Automatic synonyms (paid plans only) In the Starter, Pro and Agency plans, the rule can expand to synonyms automatically: if your trigger is technical SEO, the plugin also links variants like on-page technical SEO or the technical aspects of SEO. In the free version only the exact trigger is applied.
04 — Verify

Check that the rule works

After saving the rule, you'll want to verify it's actually linking. There are three places to check it:

In the rules list

Each rule shows how many links it has generated and to which posts. If your rule was just created, the counter may be at zero until the plugin processes the existing posts (seconds or minutes, depending on the size of the site).

List of linking rules in 4Linking with keywords, target, priority and generated links
List of rules in 4Linking

In the link map

The Link map tab gives you the full picture: how many internal links your site has, which pages receive the most, which rules are the most active. If your rule works, you'll see growing counters there.

In the published content

The most practical one: open a blog post that contains the keyword. You'll see it turned into a link to the pillar. If the word appears several times, only the first occurrence is linked (unless you've raised the "Maximum per post").

05 — Strategy

How to design rules that scale

Creating a rule is easy; creating a system of rules that adds SEO value is where the real difference is. Three principles worth internalizing before you create the second rule.

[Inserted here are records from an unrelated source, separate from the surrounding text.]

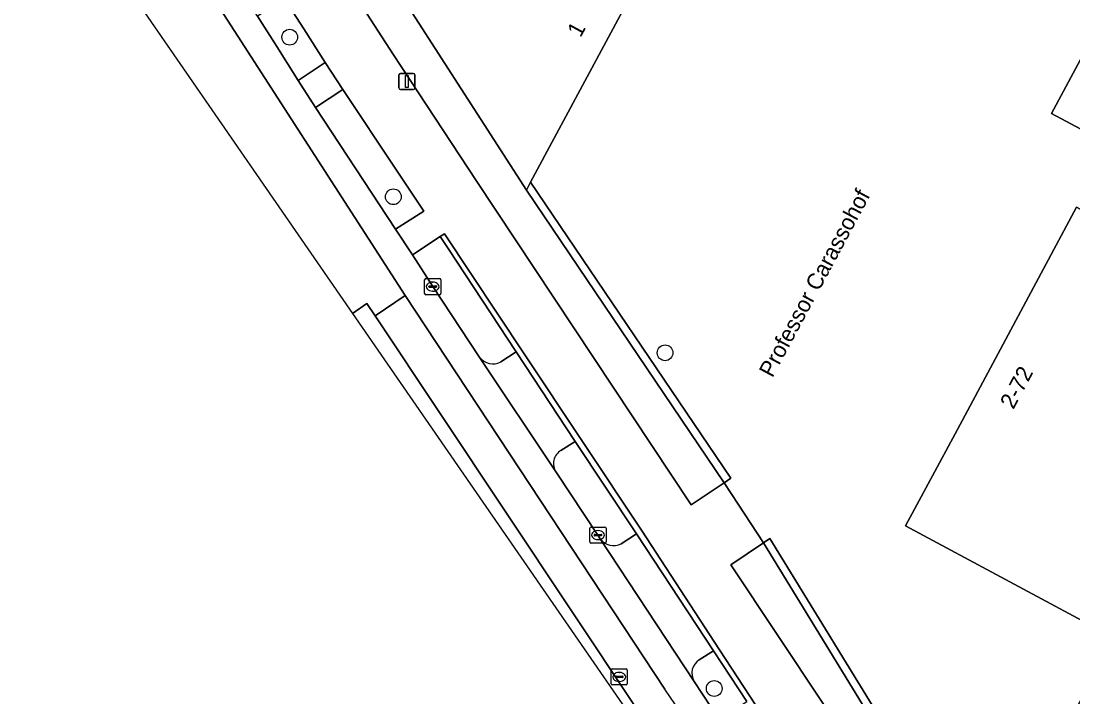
# Model space of a CAD drawing. Extents: x 159489 to 160304, y 383825 to 384531.
# Drawn here: x 159514.8 to 159580.2, y 384216.6 to 384258.6 of the extents above; entities that cross this region are included whole.
import ezdxf

# ---------------------------------------------------------------- set-up
doc = ezdxf.new("R2010")
doc.units = 0
for name, color, linetype in [('IMGEO_Boom', 7, 'Continuous'), ('IMGEO_Erf', 7, 'Continuous'), ('IMGEO_Groenvoorziening', 7, 'Continuous'), ('IMGEO_Kolk', 7, 'Continuous'), ('IMGEO_Lichtmast', 7, 'Continuous'), ('IMGEO_Openbare_ruimte_label', 7, 'Continuous'), ('IMGEO_Pand', 7, 'Continuous'), ('IMGEO_Pand_nummerreeks', 7, 'Continuous'), ('IMGEO_Parkeervlak_open', 7, 'Continuous'), ('IMGEO_Rijbaan_lokaal_gesloten', 7, 'Continuous'), ('IMGEO_Rijbaan_lokaal_open', 7, 'Continuous'), ('IMGEO_Rioolput', 7, 'Continuous'), ('IMGEO_Voetpad_gesloten', 7, 'Continuous'), ('IMGEO_Voetpad_open', 7, 'Continuous')]:
    doc.layers.add(name, color=color, linetype=linetype)

msp = doc.modelspace()

# ---------------------------------------------------------------- linework, layer by layer
at = {"layer": 'IMGEO_Boom'}
for centre in [(159531.469, 384257.566), (159537.915, 384247.646), (159554.816, 384237.946), (159557.872, 384217.076)]:
    msp.add_circle(centre, 0.489, dxfattribs=at)
at = {"layer": 'IMGEO_Erf'}
for points in [[(159631.56, 384209.476), (159640.276, 384225.681), (159611.777, 384241.285), (159616.379, 384249.69), (159600.425, 384258.245), (159593.348, 384245.049), (159582.491, 384250.872), (159578.85, 384252.831), (159587.23, 384268.419), (159590.223, 384274), (159575.933, 384281.657), (159574.935, 384279.809), (159575.127, 384279.7), (159565.449, 384261.675), (159556.176, 384266.653), (159554.827, 384264.14), (159546.454, 384248.546), (159558.913, 384230.144), (159558.499, 384229.864), (159559.363, 384228.538), (159560.934, 384226.137), (159561.341, 384226.407), (159569.144, 384213.675)], [(159574.428, 384204.726), (159582.76, 384220.223), (159569.777, 384227.198), (159572.996, 384233.183), (159580.412, 384246.999), (159595.639, 384238.832), (159585.772, 384220.436), (159598.102, 384213.824)]]:
    msp.add_lwpolyline(points, dxfattribs=at)
at = {"layer": 'IMGEO_Groenvoorziening'}
for points in [[(159546.189, 384248.053), (159536.462, 384263.182), (159534.333, 384266.954), (159532.141, 384265.589), (159535.783, 384259.763), (159537.922, 384256.46), (159543.06, 384248.654), (159556.437, 384228.499), (159558.499, 384229.864)], [(159531.17, 384259.924), (159529.475, 384258.882), (159530.676, 384256.993), (159531.995, 384254.871), (159533.67, 384255.984), (159532.339, 384258.083)], [(159534.768, 384254.316), (159533.078, 384253.19), (159538.058, 384245.622), (159539.805, 384246.756), (159538.106, 384249.307)], [(159546.454, 384248.546), (159546.189, 384248.053), (159558.499, 384229.864), (159558.913, 384230.144)], [(159560.934, 384226.137), (159568.737, 384213.4), (159569.144, 384213.675), (159561.341, 384226.407)], [(159560.934, 384226.137), (159558.905, 384224.769), (159564.664, 384216.096), (159567.101, 384212.363), (159568.737, 384213.4)]]:
    msp.add_lwpolyline(points, close=True, dxfattribs=at)
for points in [[(159540.836, 384245.167), (159539.105, 384244.038), (159540.363, 384242.058), (159543.263, 384237.696)], [(159544.603, 384237.375), (159545.553, 384238.015), (159541.321, 384244.432), (159540.836, 384245.167)], [(159549.217, 384232.423), (159548.342, 384231.88)], [(159552.088, 384226.068), (159553.047, 384226.686), (159549.217, 384232.423)], [(159548.034, 384230.526), (159550.644, 384226.613), (159550.775, 384226.382)], [(159556.624, 384217.517), (159558.184, 384215.145), (159559.903, 384216.259), (159557.829, 384219.423)], [(159557.829, 384219.423), (159556.941, 384218.865)]]:
    msp.add_lwpolyline(points, dxfattribs=at)
for centre, radius, start, end in [((159544.121, 384238.319), 1.06, 216.00906, 297.04799), ((159548.841, 384231.054), 0.965, 121.15353, 213.21599), ((159551.62, 384227.012), 1.054, 216.71097, 296.39), ((159557.483, 384218.026), 0.999, 122.88057, 210.65261)]:
    msp.add_arc(centre, radius, start, end, dxfattribs=at)
at = {"layer": 'IMGEO_Kolk'}
for p, q in [((159539.937, 384242.558), (159540.789, 384242.558)), ((159539.862, 384241.632), (159539.862, 384242.484)), ((159540.121, 384242.052), (159540.121, 384242.064)), ((159540.559, 384242.015), (159540.161, 384242.015)), ((159540.164, 384242.101), (159540.562, 384242.101)), ((159540.35, 384242.338), (159540.375, 384242.338)), ((159540.605, 384242.064), (159540.605, 384242.052)), ((159540.863, 384242.484), (159540.863, 384241.632)), ((159540.789, 384241.558), (159539.937, 384241.558)), ((159540.373, 384241.778), (159540.348, 384241.778)), ((159550.143, 384226.187), (159550.143, 384227.039)), ((159550.218, 384227.113), (159551.07, 384227.113)), ((159550.631, 384226.893), (159550.656, 384226.893)), ((159551.144, 384227.039), (159551.144, 384226.187)), ((159550.402, 384226.607), (159550.402, 384226.619)), ((159550.84, 384226.57), (159550.442, 384226.57)), ((159550.445, 384226.656), (159550.843, 384226.656)), ((159550.654, 384226.333), (159550.629, 384226.333)), ((159550.886, 384226.619), (159550.886, 384226.607)), ((159551.07, 384226.113), (159550.218, 384226.113))]:
    msp.add_line(p, q, dxfattribs=at)
for points in [[(159539.937, 384242.558), (159540.789, 384242.558)], [(159539.862, 384241.632), (159539.862, 384242.484)], [(159540.863, 384242.484), (159540.863, 384241.632)], [(159540.789, 384241.558), (159539.937, 384241.558)], [(159550.143, 384226.187), (159550.143, 384227.039)], [(159550.218, 384227.113), (159551.07, 384227.113)], [(159551.144, 384227.039), (159551.144, 384226.187)], [(159551.07, 384226.113), (159550.218, 384226.113)]]:
    msp.add_lwpolyline(points, dxfattribs=at)
for centre, radius, start, end in [((159539.939, 384242.482), 0.0765, 91.55205, 178.44795), ((159539.939, 384242.482), 0.0765, 91.55205, 178.44795), ((159540.787, 384242.482), 0.0765, 1.55205, 88.44795), ((159540.787, 384242.482), 0.0765, 1.55205, 88.44795), ((159540.161, 384242.061), 0.0403, 85.87752, 175.75265), ((159540.158, 384242.051), 0.0366, 178.93798, 274.71019), ((159540.562, 384242.058), 0.043, 264.86636, 352.45326), ((159540.566, 384242.063), 0.0386, 1.73085, 96.63898), ((159539.939, 384241.634), 0.0765, 181.55205, 268.44795), ((159539.939, 384241.634), 0.0765, 181.55205, 268.44795), ((159540.787, 384241.634), 0.0765, 271.55205, 358.44795), ((159540.787, 384241.634), 0.0765, 271.55205, 358.44795), ((159550.22, 384227.037), 0.0765, 91.55205, 178.44795), ((159550.22, 384227.037), 0.0765, 91.55205, 178.44795), ((159551.068, 384227.037), 0.0765, 1.55205, 88.44795), ((159551.068, 384227.037), 0.0765, 1.55205, 88.44795), ((159550.22, 384226.189), 0.0765, 181.55205, 268.44795), ((159550.22, 384226.189), 0.0765, 181.55205, 268.44795), ((159550.442, 384226.616), 0.0403, 85.87752, 175.75265), ((159550.439, 384226.606), 0.0366, 178.93798, 274.71019), ((159550.843, 384226.613), 0.043, 264.86636, 352.45326), ((159550.847, 384226.618), 0.0386, 1.73085, 96.63898), ((159551.068, 384226.189), 0.0765, 271.55205, 358.44795), ((159551.068, 384226.189), 0.0765, 271.55205, 358.44795)]:
    msp.add_arc(centre, radius, start, end, dxfattribs=at)
for centre, major_axis, ratio, start_param, end_param in [((159540.349, 384242.058), (-0.387, 0.002), 0.722429, 4.712389, 7.853982), ((159540.374, 384242.058), (-0.39, 0.002), 0.717154, 1.570796, 4.712389), ((159550.63, 384226.613), (-0.387, 0.002), 0.722429, 4.712389, 7.853982), ((159550.655, 384226.613), (-0.39, 0.002), 0.717154, 1.570796, 4.712389)]:
    msp.add_ellipse(centre, major_axis=major_axis, ratio=ratio, start_param=start_param, end_param=end_param, dxfattribs=at)
at = {"layer": 'IMGEO_Lichtmast'}
for p, q in [((159538.26, 384254.416), (159538.26, 384255.216)), ((159538.26, 384255.216), (159538.26, 384254.416)), ((159538.36, 384255.316), (159539.15, 384255.316)), ((159539.15, 384255.316), (159538.36, 384255.316)), ((159539.25, 384255.216), (159539.25, 384254.416)), ((159539.25, 384254.416), (159539.25, 384255.216)), ((159539.15, 384254.316), (159538.36, 384254.316)), ((159538.36, 384254.316), (159539.15, 384254.316))]:
    msp.add_line(p, q, dxfattribs=at)
msp.add_lwpolyline([(159538.68, 384255.191), (159538.83, 384255.191), (159538.83, 384254.441), (159538.68, 384254.441), (159538.68, 384255.191)], dxfattribs=at)
for centre, start, end in [((159538.36, 384255.216), 90, 180), ((159538.36, 384255.216), 90, 180), ((159539.15, 384255.216), 0, 90), ((159539.15, 384255.216), 360, 90), ((159538.36, 384254.416), 180, 270), ((159538.36, 384254.416), 180, 270), ((159539.15, 384254.416), 270, 0), ((159539.15, 384254.416), 270, 0)]:
    msp.add_arc(centre, 0.1, start, end, dxfattribs=at)
at = {"layer": 'IMGEO_Pand'}
for points in [[(159590.223, 384274), (159587.23, 384268.419), (159578.85, 384252.831), (159582.491, 384250.872), (159593.348, 384245.049), (159600.425, 384258.245), (159616.379, 384249.69), (159620.712, 384257.605)], [(159554.827, 384264.14), (159545.068, 384269.391), (159541.03, 384271.564), (159540.015, 384269.655), (159539.953, 384269.688), (159536.735, 384263.691), (159536.462, 384263.182), (159546.189, 384248.053), (159546.454, 384248.546)], [(159585.772, 384220.436), (159595.639, 384238.832), (159580.412, 384246.999), (159572.996, 384233.183), (159569.777, 384227.198), (159582.76, 384220.223), (159574.428, 384204.726), (159574.13, 384204.172), (159576.187, 384200.78), (159579.356, 384195.554), (159584.074, 384187.773), (159584.34, 384188.267), (159598.102, 384213.824)]]:
    msp.add_lwpolyline(points, close=True, dxfattribs=at)
at = {"layer": 'IMGEO_Parkeervlak_open'}
for points in [[(159545.553, 384238.015), (159544.603, 384237.375)], [(159548.342, 384231.88), (159549.217, 384232.423), (159545.553, 384238.015)], [(159543.263, 384237.696), (159548.034, 384230.526)], [(159550.775, 384226.382), (159556.624, 384217.517)], [(159553.047, 384226.686), (159552.088, 384226.068)], [(159556.941, 384218.865), (159557.829, 384219.423), (159553.047, 384226.686)]]:
    msp.add_lwpolyline(points, dxfattribs=at)
for centre, radius, start, end in [((159544.121, 384238.319), 1.06, 216.00906, 297.04799), ((159548.841, 384231.054), 0.965, 121.15353, 213.21599), ((159551.62, 384227.012), 1.054, 216.71097, 296.39), ((159557.483, 384218.026), 0.999, 122.88057, 210.65261)]:
    msp.add_arc(centre, radius, start, end, dxfattribs=at)
at = {"layer": 'IMGEO_Rijbaan_lokaal_gesloten'}
for points in [[(159522.428, 384266.788), (159525.931, 384261.215), (159538.641, 384241.501), (159554.807, 384217.036)], [(159564.547, 384205.433), (159563.028, 384207.742), (159560.758, 384211.222), (159560.057, 384212.297), (159558.184, 384215.145), (159556.624, 384217.517), (159550.775, 384226.382), (159550.644, 384226.613), (159548.034, 384230.526), (159543.263, 384237.696), (159540.363, 384242.058), (159539.105, 384244.038), (159538.058, 384245.622), (159533.078, 384253.19), (159531.995, 384254.871), (159530.676, 384256.993), (159529.475, 384258.882), (159528.457, 384260.496), (159527.408, 384262.135), (159527.297, 384262.272), (159527.066, 384262.703)], [(159553.006, 384215.893), (159536.788, 384240.242), (159536.266, 384241.006), (159535.383, 384240.391), (159561.466, 384202.663)]]:
    msp.add_lwpolyline(points, dxfattribs=at)
msp.add_arc((158952.782, 383813.503), 724.757, 30.882688, 33.833641, dxfattribs=at)
at = {"layer": 'IMGEO_Rijbaan_lokaal_open'}
for points in [[(159535.383, 384240.391), (159536.266, 384241.006), (159536.788, 384240.242), (159538.641, 384241.501), (159525.931, 384261.215), (159523.948, 384259.997), (159522.463, 384259.078), (159535.383, 384240.391)], [(159554.807, 384217.036), (159538.641, 384241.501), (159536.788, 384240.242), (159553.006, 384215.893)]]:
    msp.add_lwpolyline(points, dxfattribs=at)
msp.add_arc((158952.782, 383813.503), 724.757, 30.882688, 33.833641, dxfattribs=at)
at = {"layer": 'IMGEO_Rioolput'}
for p, q in [((159551.467, 384217.372), (159551.467, 384218.224)), ((159551.542, 384218.298), (159552.394, 384218.298)), ((159551.726, 384217.792), (159551.726, 384217.804)), ((159552.164, 384217.755), (159551.766, 384217.755)), ((159551.769, 384217.841), (159552.167, 384217.841)), ((159551.955, 384218.078), (159551.98, 384218.078)), ((159552.21, 384217.804), (159552.21, 384217.792)), ((159552.468, 384218.224), (159552.468, 384217.372)), ((159552.394, 384217.298), (159551.542, 384217.298)), ((159551.978, 384217.518), (159551.953, 384217.518))]:
    msp.add_line(p, q, dxfattribs=at)
for points in [[(159551.467, 384217.372), (159551.467, 384218.224)], [(159551.542, 384218.298), (159552.394, 384218.298)], [(159552.468, 384218.224), (159552.468, 384217.372)], [(159552.394, 384217.298), (159551.542, 384217.298)]]:
    msp.add_lwpolyline(points, dxfattribs=at)
for centre, radius, start, end in [((159551.544, 384218.222), 0.0765, 91.55205, 178.44795), ((159551.544, 384218.222), 0.0765, 91.55205, 178.44795), ((159551.766, 384217.801), 0.0403, 85.87752, 175.75265), ((159551.763, 384217.791), 0.0366, 178.93798, 274.71019), ((159552.167, 384217.798), 0.043, 264.86636, 352.45326), ((159552.171, 384217.803), 0.0386, 1.73085, 96.63898), ((159552.392, 384218.222), 0.0765, 1.55205, 88.44795), ((159552.392, 384218.222), 0.0765, 1.55205, 88.44795), ((159551.544, 384217.374), 0.0765, 181.55205, 268.44795), ((159551.544, 384217.374), 0.0765, 181.55205, 268.44795), ((159552.392, 384217.374), 0.0765, 271.55205, 358.44795), ((159552.392, 384217.374), 0.0765, 271.55205, 358.44795)]:
    msp.add_arc(centre, radius, start, end, dxfattribs=at)
for centre, major_axis, ratio, start_param, end_param in [((159551.954, 384217.798), (-0.387, 0.002), 0.722429, 4.712389, 7.853982), ((159551.979, 384217.798), (-0.39, 0.002), 0.717154, 1.570796, 4.712389)]:
    msp.add_ellipse(centre, major_axis=major_axis, ratio=ratio, start_param=start_param, end_param=end_param, dxfattribs=at)
at = {"layer": 'IMGEO_Voetpad_gesloten'}
msp.add_lwpolyline([(159567.124, 384205.873), (159558.212, 384219.486), (159553.341, 384226.923), (159546.045, 384237.884), (159541.101, 384245.34), (159540.836, 384245.167), (159541.321, 384244.432), (159545.553, 384238.015), (159549.217, 384232.423), (159553.047, 384226.686), (159557.829, 384219.423), (159559.903, 384216.259)], dxfattribs=at)
at = {"layer": 'IMGEO_Voetpad_open'}
for points in [[(159543.06, 384248.654), (159537.922, 384256.46), (159535.783, 384259.763), (159532.141, 384265.589), (159534.333, 384266.954), (159531.499, 384271.869), (159529.156, 384270.537), (159524.479, 384278.85), (159521.885, 384283.676), (159520.528, 384286.319), (159516.4, 384294.599), (159514.758, 384298.232)], [(159527.795, 384263.144), (159527.066, 384262.703), (159527.297, 384262.272), (159527.408, 384262.135), (159529.056, 384263.238), (159530.14, 384261.558), (159531.17, 384259.924), (159532.339, 384258.083), (159533.67, 384255.984), (159534.768, 384254.316), (159538.106, 384249.307), (159539.805, 384246.756), (159538.058, 384245.622), (159539.105, 384244.038), (159540.836, 384245.167), (159541.101, 384245.34), (159546.045, 384237.884), (159553.341, 384226.923), (159558.212, 384219.486), (159567.124, 384205.873)], [(159564.664, 384216.096), (159558.905, 384224.769), (159560.934, 384226.137), (159559.363, 384228.538), (159558.499, 384229.864), (159556.437, 384228.499), (159543.06, 384248.654)]]:
    msp.add_lwpolyline(points, dxfattribs=at)
msp.add_lwpolyline([(159533.67, 384255.984), (159531.995, 384254.871), (159533.078, 384253.19), (159534.768, 384254.316)], close=True, dxfattribs=at)

# ---------------------------------------------------------------- texts
at = {"layer": 'IMGEO_Openbare_ruimte_label'}
msp.add_text('Professor Carassohof', height=1, rotation=61.7691, dxfattribs=at).set_placement((159561.491, 384236.351))
at = {"layer": 'IMGEO_Pand_nummerreeks'}
for s, rotation, p in [('1', 61.57004, (159549.558, 384257.501)), ('2-72', 61.76485, (159576.479, 384234.387))]:
    msp.add_text(s, height=1, rotation=rotation, dxfattribs=at).set_placement(p)

doc.saveas('drawing.dxf')

1. Choose specific triggers, not generic ones

A rule that triggers on the word SEO will link in any post that casually mentions SEO. You'll end up with forced links in irrelevant contexts. Better a more concrete trigger: technical SEO, SEO audit, on-page SEO. More restrictive, but the links it creates are justified.

2. Vary the anchor text

If every link to your pillar uses the same text, Google detects an artificial pattern. Define 2-4 anchor variations for each rule. Example for a pillar about technical SEO:

  • technical SEO (the main one)
  • technical SEO guide (descriptive variant)
  • the technical aspects of SEO (natural variant)
  • how to optimize your technical SEO (long-tail variant)

The plugin rotates between them automatically. Each link that's created picks one at random.

3. One rule per important keyword, not per secondary keyword

Don't turn every word into a rule. Identify the 5-10 strategic keywords of your site and create one well-designed rule for each. The secondary words will be covered on their own if you add semantic linking (paid plans) or include them as anchor variants of the main rules.

Strategic summary 5-10 rules with specific triggers + 2-4 anchor variants each = a coherent, scalable internal linking system. Better than 50 generic rules with a single anchor.
06 — Issues

Common mistakes and how to avoid them

Trigger that's too generic

If your rule triggers on a standalone WordPress or SEO, you'll link in posts where that word appears as a secondary topic. Narrow the trigger to a 2-3 word phrase that makes sense as a link in its context.

A single anchor text variant

Repeating the same exact text in every link is a negative SEO signal. Define 2-4 variants per rule: the plugin rotates between them automatically.

Multiple rules pointing to the same target with similar words

If you create rules for technical SEO, technical SEO's and technical_seo all pointing to the same pillar, you generate noise. Better a single rule with several anchor variants that gives the same effect without saturating the system.

Maximum per post above 1 without need

Raising the maximum to 2 or 3 links per post toward the same target multiplies links without adding value. Leave the default value (1) unless you have a specific reason to raise it.

Creating rules before having the pillar configured

A rule without a valid target doesn't link. Make sure you have the pillar created and verified before you start creating rules toward it.